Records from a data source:
————————

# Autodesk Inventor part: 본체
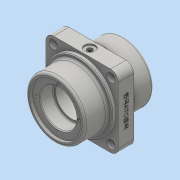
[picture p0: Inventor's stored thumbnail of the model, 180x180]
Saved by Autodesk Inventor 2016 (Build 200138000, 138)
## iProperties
Created: 2023-10
Part Number: 본체
Material: 일반
Document SubType Name: Modeling
Designer: pc-2
Density: 1 g/cm^3
Appearance: 기본값
Author: pc-2
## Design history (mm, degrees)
sketch "스케치1"
  geometry: L1 (47, -47)-(-47, -47); L2 (-47, -47)-(-47, 47); L3 (-47, 47)-(47, 47); L4 (47, 47)-(47, -47); L5 (47, -47)-(-47, 47); L6 (-47, -47)-(47, 47); 1 further point
  constraints: 12 end point, 2 midpoint, 2 parallel, 1 horizontal, 1 perpendicular
  dimensions: "d0" = 94 distance of L2.end L3.end; "d1" = 94 distance of L3.end L1.start
extrude "돌출1" new body sketch "스케치1" stored distance "d2" = 20; taper "d3" = 0 deg
sketch "스케치2"
  geometry: C1 r 44 at (0, 0); 1 further point
  constraints: 1 centre point, 1 coincident
  dimensions: "d4" = 88 diameter of C1
extrude "돌출2" join sketch "스케치2" distance "d5" = 5; taper "d6" = 0 deg
sketch "스케치3"
  geometry: C1 r 38 at (0, 0); 1 further point
  constraints: 1 centre point, 1 coincident
  dimensions: "d7" = 76 diameter of C1
extrude "돌출3" join sketch "스케치3" distance "d8" = 30; taper "d9" = 0 deg
hole "구멍1" diameter "d12" = 66; stored, may be unused: countersink angle "d16" = 90 deg, drill point angle "d18" = 0 deg; dims "d10" = 10, "d11" = 10, "d13" = 6, "d14" = 4, "d15" = 2, "d17" = 4
hole "구멍2" diameter "d21" = 47; stored, may be unused: countersink angle "d25" = 90 deg, drill point angle "d27" = 0 deg; dims "d19" = 10, "d20" = 10, "d22" = 6, "d23" = 4, "d24" = 2, "d26" = 17
hole "구멍3" diameter "d30" = 41; stored, may be unused: countersink angle "d34" = 90 deg, drill point angle "d36" = 0 deg; dims "d28" = 10, "d29" = 10, "d31" = 6, "d32" = 4, "d33" = 2, "d35" = 17
hole "구멍4" diameter "d39" = 14; stored, may be unused: countersink angle "d43" = 90 deg, drill point angle "d45" = 0 deg; dims "d37" = 10, "d38" = 47, "d40" = 82.55, "d41" = 4, "d42" = 2, "d44" = 2
hole "구멍5" diameter "d48" = 5.188; stored, may be unused: countersink angle "d52" = 90 deg, drill point angle "d54" = 0 deg; dims "d49" = 12, "d50" = 7, "d51" = 2, "d53" = 12, "d55" = 10, "d56" = 10
sketch "스케치4" dims "d57" = 54
  geometry: C1 r 33 at (0, 0) reference; 3 further points
  constraints: 1 coincident, 1 vertical alignment, 3 other
hole "구멍6" sketch "스케치4" at (0, 27) diameter "d58" = 3.242; stored, may be unused: countersink angle "d62" = 90 deg, drill point angle "d64" = 118 deg; dims "d59" = 8, "d60" = 4, "d61" = 2, "d63" = 10
fillet "모깎기1" dims "d68" = 10
sketch "스케치5" dims "d69" = 106
  geometry: L1 (0, 0)-(-54.91, -54.91); L2 (0, 0)-(0, -68.392); 2 further points
  constraints: 4 end point, 1 coincident, 1 point on line, 1 vertical, 3 other
  dimensions: "d70" = 45 deg angle of L2 L1
hole "구멍7" sketch "스케치5" at (-37.477, -37.477) diameter "d71" = 6.6; stored, may be unused: countersink angle "d75" = 90 deg, drill point angle "d77" = 0 deg; dims "d72" = 8, "d73" = 4, "d74" = 2, "d76" = 7
hole "구멍8" diameter "d80" = 11; stored, may be unused: countersink angle "d84" = 90 deg, drill point angle "d86" = 0 deg; dims "d78" = 10, "d79" = 10, "d81" = 8, "d82" = 4, "d83" = 2, "d85" = 7
fillet "모깎기2" dims "d90" = 3
fillet "모깎기3" dims "d91" = 3
fillet "모깎기4" dims "d92" = 3
fillet "모깎기5" dims "d93" = 1
chamfer "모따기1" distance "d94" = 1; stored, may be unused: second distance "d95" = 2, angle "d96" = 45 deg
chamfer "모따기2" distance "d97" = 1; stored, may be unused: second distance "d98" = 2, angle "d99" = 45 deg
sketch "스케치6"
  geometry: L1 (-61.5, 18.5)-(-12.5, 18.5); L2 (-12.5, 18.5)-(-12.5, 1.5); L3 (-12.5, 1.5)-(-61.5, 1.5); L4 (-61.5, 1.5)-(-61.5, 18.5); L5 (-61.5, 10)-(-12.5, 10); L6 (-37, 1.5)-(-37, 18.5); L7 (0, 0)-(-74, 0) reference; 2 further points
  constraints: 5 midpoint, 4 end point, 1 coincident, 2 other
  dimensions: "d100" = 49 distance of L1.start L1.end; "d101" = 17 distance of L1.end L2.end; "d102" = 10 distance between parallel lines of L5 L7
feature "엠보싱1" sketch "스케치6" dims "d0" = 94, "d1" = 94, "d103" = 0.5, "d104" = 0
node "솔리드1"
mirror "대칭1"
mirror "대칭2"
mirror "대칭3"
pattern_circular "원형 패턴1" dims angle "d66" = 360 deg
mirror "대칭4"
mirror "대칭5"
pattern_circular "원형 패턴2" dims "d88" = 360 deg

————————

## What you have to do:
Please repeat the entries above exactly, leaving out any pictures.

## Written response:
# Autodesk Inventor part: 본체
[picture p0: Inventor's stored thumbnail of the model, 180x180]
Saved by Autodesk Inventor 2016 (Build 200138000, 138)
## iProperties
Created: 2023-10
Part Number: 본체
Material: 일반
Document SubType Name: Modeling
Designer: pc-2
Density: 1 g/cm^3
Appearance: 기본값
Author: pc-2
## Design history (mm, degrees)
sketch "스케치1"
  geometry: L1 (47, -47)-(-47, -47); L2 (-47, -47)-(-47, 47); L3 (-47, 47)-(47, 47); L4 (47, 47)-(47, -47); L5 (47, -47)-(-47, 47); L6 (-47, -47)-(47, 47); 1 further point
  constraints: 12 end point, 2 midpoint, 2 parallel, 1 horizontal, 1 perpendicular
  dimensions: "d0" = 94 distance of L2.end L3.end; "d1" = 94 distance of L3.end L1.start
extrude "돌출1" new body sketch "스케치1" stored distance "d2" = 20; taper "d3" = 0 deg
sketch "스케치2"
  geometry: C1 r 44 at (0, 0); 1 further point
  constraints: 1 centre point, 1 coincident
  dimensions: "d4" = 88 diameter of C1
extrude "돌출2" join sketch "스케치2" distance "d5" = 5; taper "d6" = 0 deg
sketch "스케치3"
  geometry: C1 r 38 at (0, 0); 1 further point
  constraints: 1 centre point, 1 coincident
  dimensions: "d7" = 76 diameter of C1
extrude "돌출3" join sketch "스케치3" distance "d8" = 30; taper "d9" = 0 deg
hole "구멍1" diameter "d12" = 66; stored, may be unused: countersink angle "d16" = 90 deg, drill point angle "d18" = 0 deg; dims "d10" = 10, "d11" = 10, "d13" = 6, "d14" = 4, "d15" = 2, "d17" = 4
hole "구멍2" diameter "d21" = 47; stored, may be unused: countersink angle "d25" = 90 deg, drill point angle "d27" = 0 deg; dims "d19" = 10, "d20" = 10, "d22" = 6, "d23" = 4, "d24" = 2, "d26" = 17
hole "구멍3" diameter "d30" = 41; stored, may be unused: countersink angle "d34" = 90 deg, drill point angle "d36" = 0 deg; dims "d28" = 10, "d29" = 10, "d31" = 6, "d32" = 4, "d33" = 2, "d35" = 17
hole "구멍4" diameter "d39" = 14; stored, may be unused: countersink angle "d43" = 90 deg, drill point angle "d45" = 0 deg; dims "d37" = 10, "d38" = 47, "d40" = 82.55, "d41" = 4, "d42" = 2, "d44" = 2
hole "구멍5" diameter "d48" = 5.188; stored, may be unused: countersink angle "d52" = 90 deg, drill point angle "d54" = 0 deg; dims "d49" = 12, "d50" = 7, "d51" = 2, "d53" = 12, "d55" = 10, "d56" = 10
sketch "스케치4" dims "d57" = 54
  geometry: C1 r 33 at (0, 0) reference; 3 further points
  constraints: 1 coincident, 1 vertical alignment, 3 other
hole "구멍6" sketch "스케치4" at (0, 27) diameter "d58" = 3.242; stored, may be unused: countersink angle "d62" = 90 deg, drill point angle "d64" = 118 deg; dims "d59" = 8, "d60" = 4, "d61" = 2, "d63" = 10
fillet "모깎기1" dims "d68" = 10
sketch "스케치5" dims "d69" = 106
  geometry: L1 (0, 0)-(-54.91, -54.91); L2 (0, 0)-(0, -68.392); 2 further points
  constraints: 4 end point, 1 coincident, 1 point on line, 1 vertical, 3 other
  dimensions: "d70" = 45 deg angle of L2 L1
hole "구멍7" sketch "스케치5" at (-37.477, -37.477) diameter "d71" = 6.6; stored, may be unused: countersink angle "d75" = 90 deg, drill point angle "d77" = 0 deg; dims "d72" = 8, "d73" = 4, "d74" = 2, "d76" = 7
hole "구멍8" diameter "d80" = 11; stored, may be unused: countersink angle "d84" = 90 deg, drill point angle "d86" = 0 deg; dims "d78" = 10, "d79" = 10, "d81" = 8, "d82" = 4, "d83" = 2, "d85" = 7
fillet "모깎기2" dims "d90" = 3
fillet "모깎기3" dims "d91" = 3
fillet "모깎기4" dims "d92" = 3
fillet "모깎기5" dims "d93" = 1
chamfer "모따기1" distance "d94" = 1; stored, may be unused: second distance "d95" = 2, angle "d96" = 45 deg
chamfer "모따기2" distance "d97" = 1; stored, may be unused: second distance "d98" = 2, angle "d99" = 45 deg
sketch "스케치6"
  geometry: L1 (-61.5, 18.5)-(-12.5, 18.5); L2 (-12.5, 18.5)-(-12.5, 1.5); L3 (-12.5, 1.5)-(-61.5, 1.5); L4 (-61.5, 1.5)-(-61.5, 18.5); L5 (-61.5, 10)-(-12.5, 10); L6 (-37, 1.5)-(-37, 18.5); L7 (0, 0)-(-74, 0) reference; 2 further points
  constraints: 5 midpoint, 4 end point, 1 coincident, 2 other
  dimensions: "d100" = 49 distance of L1.start L1.end; "d101" = 17 distance of L1.end L2.end; "d102" = 10 distance between parallel lines of L5 L7
feature "엠보싱1" sketch "스케치6" dims "d0" = 94, "d1" = 94, "d103" = 0.5, "d104" = 0
node "솔리드1"
mirror "대칭1"
mirror "대칭2"
mirror "대칭3"
pattern_circular "원형 패턴1" dims angle "d66" = 360 deg
mirror "대칭4"
mirror "대칭5"
pattern_circular "원형 패턴2" dims "d88" = 360 deg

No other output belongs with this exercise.